Qualifying - Friday - 26 Entries Judges: Dianne Morley & Julie Zhulke
# Dog Name Owner Handler 
1 Q-P's Wiretap K Young Karen A. Young 
2 GoldNGuns Rough N Ready Rebel JH WC Gregg Hornby & Arleen Meyer Hornby Jerry Patopea 
3 Cold Creek's Little Big Man Walt Barnes Walt Barnes 
4 Chena Rivers Jackpot Kramer Ken and Martha Johnson Matt Weiner 
5 Stuller Creeks Hot Obsidian MH Clarene Slinkard Clarene Slinkard 
6 pure labs smooth move Pete Goodale Pete Goodale 
7 Kimber VIII Jerry Patopea Jerry Patopea 
8 Buck N Quick Pick Gary & Mary Williams-Ahlgren Gary Ahlgren 
9 Magic Trick's David Copperfield David Aul John Henninger 
10 Sunnyview's Fast and Furious JH Matt Weiner Matt Weiner 
11 Treka Randi Johannis Randi Johannis 
12 Utopian Butte To Butte Jane Patopea J. Patopea 
13 Bells Fargo Express Carl Cook Judy Cook 
14 Rip On MH Ken and Martha Johnson Matt Weiner 
15 Ruckus' Hammerin' Bois D'Arc Bruce Davis Luann Pleasant 
16 Sierra Valley Thunder William & Kathy Valladon Bill Valladon 
17 Jaco's Red Desert Cider *** Gale Mettenbrink Jerry Patopea 
18 Tombstone Gambler Mark Johnson Mark Johnson 
19 Distagon's Deepwater Diva SH Maggie Langhorne Dale Langhorne 
20 Nitro's Blackrock Chaos MNH Steve Lapkin Matt Weiner 
21 Gunrunners Cheap Trick David Aul John Henninger 
22 Whistling Pete TJ Lindbloom T J Lindbloom 
23 Sierra Valley Threepete Robert Reuter Jerry Patopea 
24 Camino Weight Cutter Andrew Kahn Andrew Kahn/Tj Lindbloom/John Henninger 
25 Sunnyview's Nitro Express Richard Weiner Richard Weiner/Matt Weiner 
26 Lost River Trapper MH Harry Carlson Harry Carlson 

Derby - Saturday - 13 Entries Judges: Dianne Morley & Julie Zhulke
# Dog Name Owner Handler 
1 Utopian Roger That Gary Zellner Jerry Patopea 
2 Dyna Super Glide Melisa Bell Steve Kompf 
3 U.S. Pride Michael Tierney Mike Tierney 
4 Topbrass Jump Start Firemark Melanie Foster Melanie Foster 
5 Watermark's The Black Pearl Howard Kuning Luann Pleasant 
6 TRULINES WALLA WALLA SWEET michael spalding John Henninger 
7 Wasatch's Red Desert Rainy Gale Mettenbrink Jerry Patopea 
8 Splash of Carbon Vern Cooney Vern Cooney 
9 Valtor's Hayseed Kid Valerie Martin Valerie Martin 
10 Miss Kity's Romeo Mark Johnson Mark Johnson Claudia Jones 
11 Little Saint Nikki Bruce Davis Luann Pleasant 
12 Suncrest Quinoa Arnold & Linda Erwin Arnie Erwin 
13 Powderhorns Downtown Daisy Mae Jerry Fletcher Jerry Fletcher


----------



## Klamath Hunting Gold (Nov 12, 2005)

OOOOooops, I was tired. Arleen you are correct, the dog I was refering to is Rebel. He was running very nice yesterday.

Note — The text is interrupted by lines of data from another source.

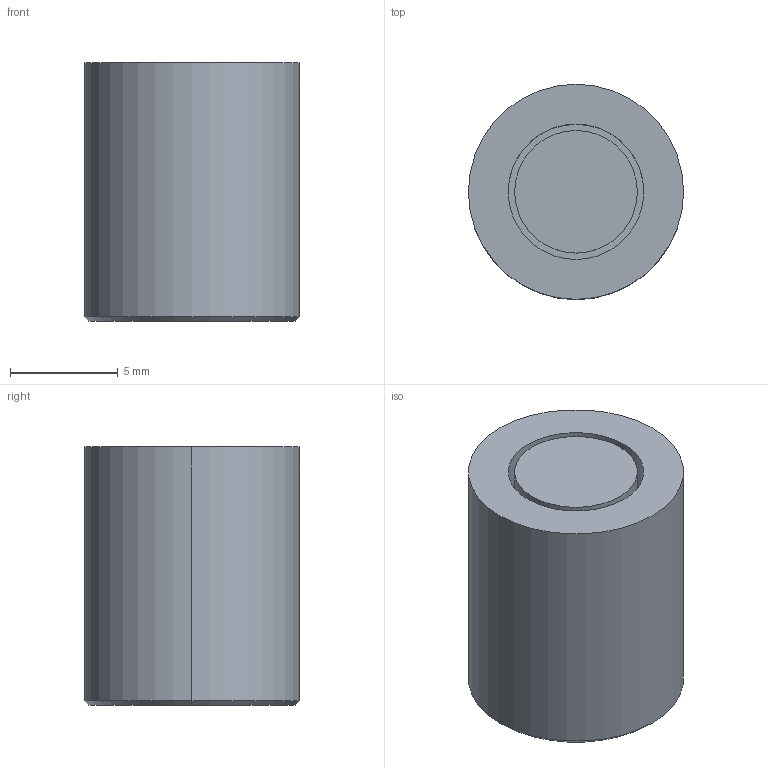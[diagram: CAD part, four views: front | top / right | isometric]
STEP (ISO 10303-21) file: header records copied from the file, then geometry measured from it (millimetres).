
FILE_DESCRIPTION (( 'STEP AP214' ), '1' );
FILE_NAME ('BruyRubio_Blank-10S.STEP', '2019-12-19T17:22:11', ( '' ), ( '' ), 'SwSTEP 2.0', 'SolidWorks 2017', '' );
FILE_SCHEMA (( 'AUTOMOTIVE_DESIGN' ));
Length unit declared in the file: millimetre
Products named in the file (1): BruyRubio_Blank-10S
Bounding box: 10 x 10 x 12 mm (x, y, z)
Volume: 743.9 mm3; surface area: 898.6 mm2
Topology: 2 solids, 2 shells, 18 faces, 34 edges, 22 vertices
Faces by surface type: cylinder 10, plane 6, cone 2
Entity records: 709 total; most frequent: DIRECTION 94, CARTESIAN_POINT 75, ORIENTED_EDGE 68, AXIS2_PLACEMENT_3D 41, EDGE_CURVE 34, VERTEX_POINT 22, UNCERTAINTY_MEASURE_WITH_UNIT 22, EDGE_LOOP 22
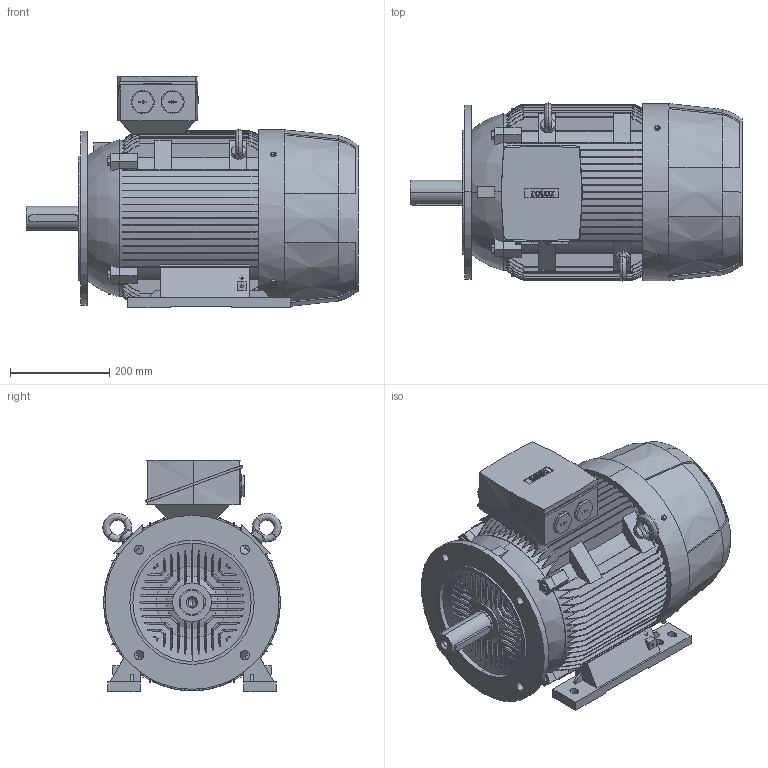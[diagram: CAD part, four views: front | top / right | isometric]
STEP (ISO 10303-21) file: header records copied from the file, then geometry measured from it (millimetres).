
FILE_DESCRIPTION (( 'STEP AP203' ), '1' );
FILE_NAME ('6RN180L08E24 IM2041.STEP', '2017-01-04T09:32:24', ( 'rotor' ), ( 'Hewlett-Packard Company' ), 'SwSTEP 2.0', 'SolidWorks 2015', '' );
FILE_SCHEMA (( 'CONFIG_CONTROL_DESIGN' ));
Products named in the file (1): 6RN180L08E24 IM2041
Bounding box: 668 x 358.44 x 466 mm (x, y, z)
Volume: 50941047.9 mm3; surface area: 1840436.1 mm2
Topology: 1 solids, 1 shells, 1331 faces, 3707 edges, 2439 vertices
Faces by surface type: plane 820, cylinder 291, bspline 194, cone 26
Entity records: 50986 total; most frequent: CARTESIAN_POINT 19106, ORIENTED_EDGE 7410, DIRECTION 5574, EDGE_CURVE 3705, VERTEX_POINT 2439, VECTOR 1980, LINE 1980, AXIS2_PLACEMENT_3D 1797

I just pulled out the handy dandy catalogue and see that Rebel owns some people in Gilbert Az. Would that be you? I spoke with Jerry yesterday afternoon about Rebel and he was rather impressed with him.
Randy


----------



## Sue Kiefer (Mar 4, 2006)

"Q" results?????????


----------



## Troopers Mom (Nov 19, 2005)

Randy,

Yep! Rebel owns Gregg and I.  Got a call earlier from Jerry to tell us that Rebel got a 4th place in the Qual. Don't know any other placements, but we are thrilled as this is only his second Qual. Last week he went out in the second series.

Arleen


----------



## Guest (May 31, 2008)

CONGRATS Arleen


----------



## labhauler (Oct 22, 2007)

Just heard from Tammy - 31 back to the Open water blind.
She doesnt know yet who picked up.
Am is still running the first series- but is almost done.


----------



## labhauler (Oct 22, 2007)

Here's the latest from Tammy:
Amateur callbacks to the land blind: 40 dogs
1 2 4 5 6 7 8 9 13 14 15 16 17 18 19 20 21 22 24 25 26 28 29 31 32 33 34 37 39 41 42 44 46 49 50 51 52 53 54 55

Open had a thunder-bumper so held up running the last few dogs on the water blind

More later

Hot off the phone from Tammy - Q results:

First place #15 Ruckus' Hammerin' Bois D'Arc QAA!!! (o) Bruce Davis (h) Luann Pleasant 

2nd place # 1 Q-P's Wiretap QAA!! (o/h) Karen Young 

3rd place # 21 Gunrunners Cheap Trick (o) David Aul (h) John Henninger

4th place # 2 GoldnGuns Rough n Ready Rebel  (o) Gregg & Arleen Hornby (h) J. Patopea 

RJ #9 Magic trick's David Copperfield (o) David Aul (h) John Henninger

JAMS to # 11 Treka (o/h) Randi Johannis, 
# 14 Rip On MH (o) Matt & Martha Johnson (h) Matt Weiner 
# 18 Tombstone Gambler (o/h) Mark Johnson

CONGRATS to all


----------



## labhauler (Oct 22, 2007)

Open callbacks to the 4th:
18 dogs back
1 3 4 7 12 13 26 31 47 48 53 54 55 57 61 62 63 64

Open land blind was a double : short/long tight to the bird crates; lots of terrain to run

Open water blind was a channel with lots of land before the angle entry

Open last series starts tomorrow at 9 a.m.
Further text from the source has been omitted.